I will save for another day the details of how Dembski got himself speared by looking a gift weasel in the mouth. Suffice it to say that both programs are easy to model formally as Markov chains, and that I, unlike Dembski and his colleagues at the Evolutionary Informatics Lab, actually bothered to do the math. (Furthermore, I translated the Weasels from Pascal to C++, and cross-checked my models and programs.) Dawkins gives an example run in which the number of correct characters in the parent goes from 3 to 22 in 19 generations. Dembski is perfectly happy to say that this is what we would expect from Weasel1. In fact, the probability that the program improves the parent so quickly (as quickly as it possibly can) is just .037.

It is quite unlikely that Dawkins used Weasel1 in preparing his book. The probability that a Weasel program like that described in Wikipedia (200 offspring per generation, mutation rate of .05) goes from 3 to 12 correct characters in generations 1 to 10, and from 12 to 22 correct characters in generations 10 to 20, is in the range of .05 to .06. (I am working on a Markov model that will yield a precise probability.) The likelihood of the conventional Weasel program, though low, is greater than that of the apocryphal Weasel1.

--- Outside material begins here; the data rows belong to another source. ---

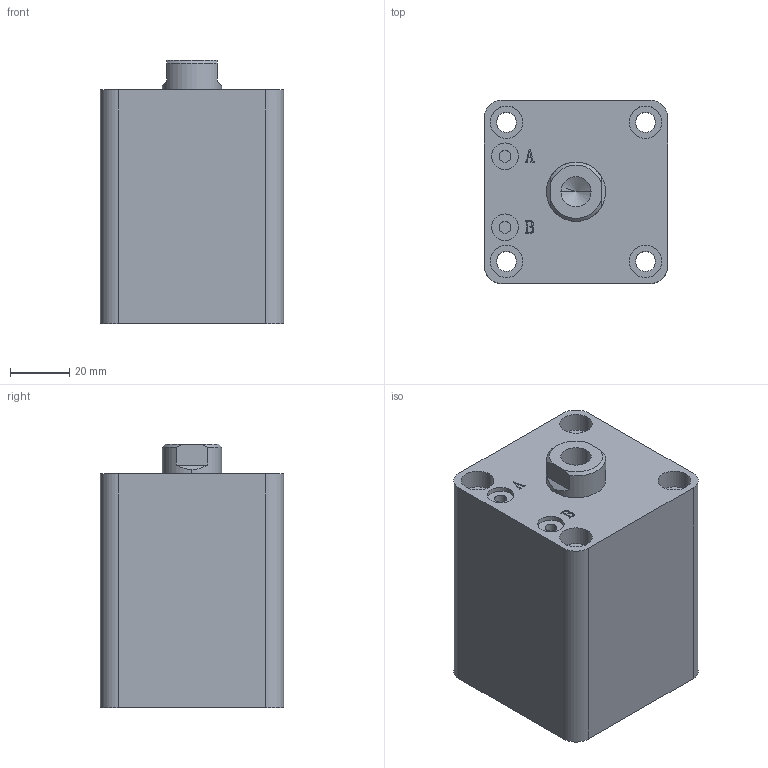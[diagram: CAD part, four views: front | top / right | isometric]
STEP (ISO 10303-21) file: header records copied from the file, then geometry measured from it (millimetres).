
FILE_DESCRIPTION (( 'STEP AP203' ), '1' );
FILE_NAME ('HTB-SDMA32-25N.STEP', '2019-10-07T11:39:14', ( '微软用户' ), ( '微软中国' ), 'SwSTEP 2.0', 'SolidWorks 2012', '' );
FILE_SCHEMA (( 'CONFIG_CONTROL_DESIGN' ));
Length unit declared in the file: millimetre
Products named in the file (3): HTB-SDMA32-25N; HTB-SDMA32-25N活塞杆; HTB-SDMA32-25掛极
Assembly tree (2 placements, depth 2):
  HTB-SDMA32-25N
    HTB-SDMA32-25掛极
    HTB-SDMA32-25N活塞杆
Bounding box: 62 x 62 x 89 mm (x, y, z)
Volume: 275463 mm3; surface area: 48604.4 mm2
Topology: 2 solids, 2 shells, 137 faces, 331 edges, 217 vertices
Faces by surface type: plane 65, cylinder 46, bspline 16, torus 6, cone 4
Entity records: 5070 total; most frequent: CARTESIAN_POINT 1576, ORIENTED_EDGE 658, DIRECTION 647, EDGE_CURVE 329, AXIS2_PLACEMENT_3D 232, VERTEX_POINT 217, LINE 183, VECTOR 183
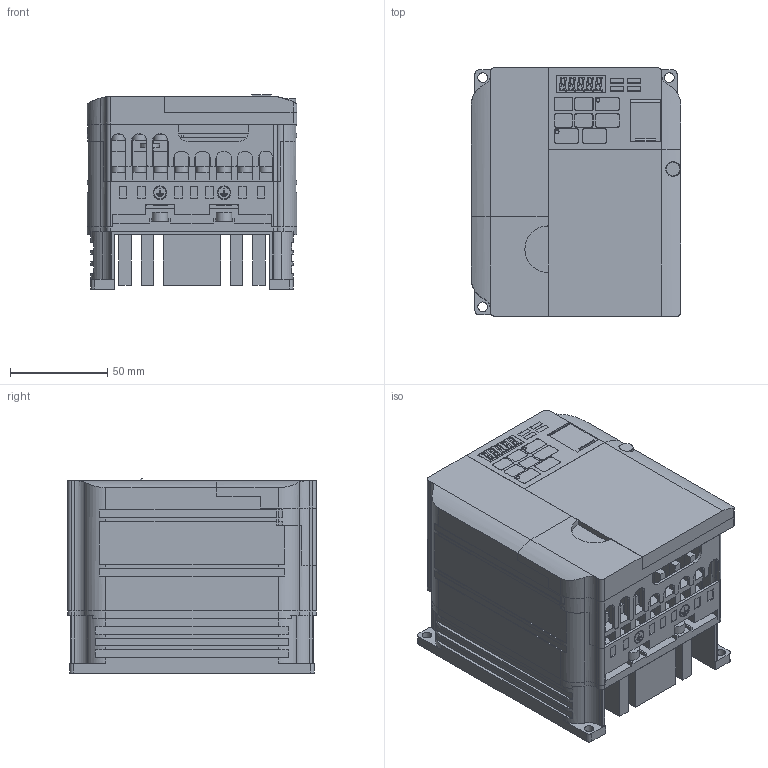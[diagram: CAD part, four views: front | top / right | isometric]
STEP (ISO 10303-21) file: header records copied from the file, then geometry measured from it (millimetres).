
FILE_DESCRIPTION((''),'2;1');
FILE_NAME('4A0002B_ASM','2010-07-20T',('jc'),('YASKAWA ELECTRIC CORCORATION'),'PRO/ENGINEER BY PARAMETRIC TECHNOLOGY CORPORATION, 2008490','PRO/ENGINEER BY PARAMETRIC TECHNOLOGY CORPORATION, 2008490','');
FILE_SCHEMA(('CONFIG_CONTROL_DESIGN'));
Length unit declared in the file: millimetre
Products named in the file (23): NONE-52108; ASM0005_ASM; NONE-50023; ASM0006_ASM; NONE-62898; ASM0007_ASM; NONE-69404; ASM0008_ASM; NONE-51710; BASE_HEATSINK_B3________ANY_ASM; NONE-57973; ASM0009_ASM; NONE-52319; ASM0010_ASM; NONE-57717; ASM0011_ASM; NONE-53236; ASM0012_ASM; NONE-48597; ASM0013_ASM; CIMR_VZ4A0002BAA_ANY_ASM; _4A0002B; 4A0002B_ASM
Assembly tree (22 placements, depth 4):
  4A0002B_ASM
    CIMR_VZ4A0002BAA_ANY_ASM
      ASM0005_ASM
        NONE-52108
      ASM0006_ASM
        NONE-50023
      ASM0007_ASM
        NONE-62898
      ASM0008_ASM
        NONE-69404
      BASE_HEATSINK_B3________ANY_ASM
        NONE-51710
      ASM0009_ASM
        NONE-57973
      ASM0010_ASM
        NONE-52319
      ASM0011_ASM
        NONE-57717
      ASM0012_ASM
        NONE-53236
      ASM0013_ASM
        NONE-48597
    _4A0002B
Bounding box: 108 x 128 x 100 mm (x, y, z)
Volume: 927598.8 mm3; surface area: 222566.7 mm2
Topology: 10 solids, 10 shells, 1865 faces, 5059 edges, 3350 vertices
Faces by surface type: plane 1498, cylinder 367
Entity records: 58897 total; most frequent: CARTESIAN_POINT 10424, ORIENTED_EDGE 10118, DIRECTION 9750, EDGE_CURVE 5059, VECTOR 4208, LINE 4208, VERTEX_POINT 3350, AXIS2_PLACEMENT_3D 2771

We cannot regard "Oxfordensis" as a reliable source of information on the program(s) Dawkins used. Thus, even though 32% of Weasel2 runs obtain the target sentence as quickly as the run in the TV show does, we must worry about a hoax. I will have more to say later as to whether a conventional Weasel program is more likely than Weasel2 to yield the run in the TV show.

Technical Details

Markov model source code: main.cpp. Modify constants according to comments, compile, and run. IOU a LaTeX document explaining the math behind the code.

Output files: weasel1.txt, weasel1-TBW.txt, weasel2.txt [8 MB]. The long lines of numbers give the probabilities of having 0 characters correct, 1 character correct, ..., and 28 characters correct after the specified number of transitions. In the "TBW" output, the initial state corresponds to generation 1, not generation 0 as in the other outputs. Thus 9, 19, and 42 transitions yield the probability distributions for generations 10, 20, and 43, respectively.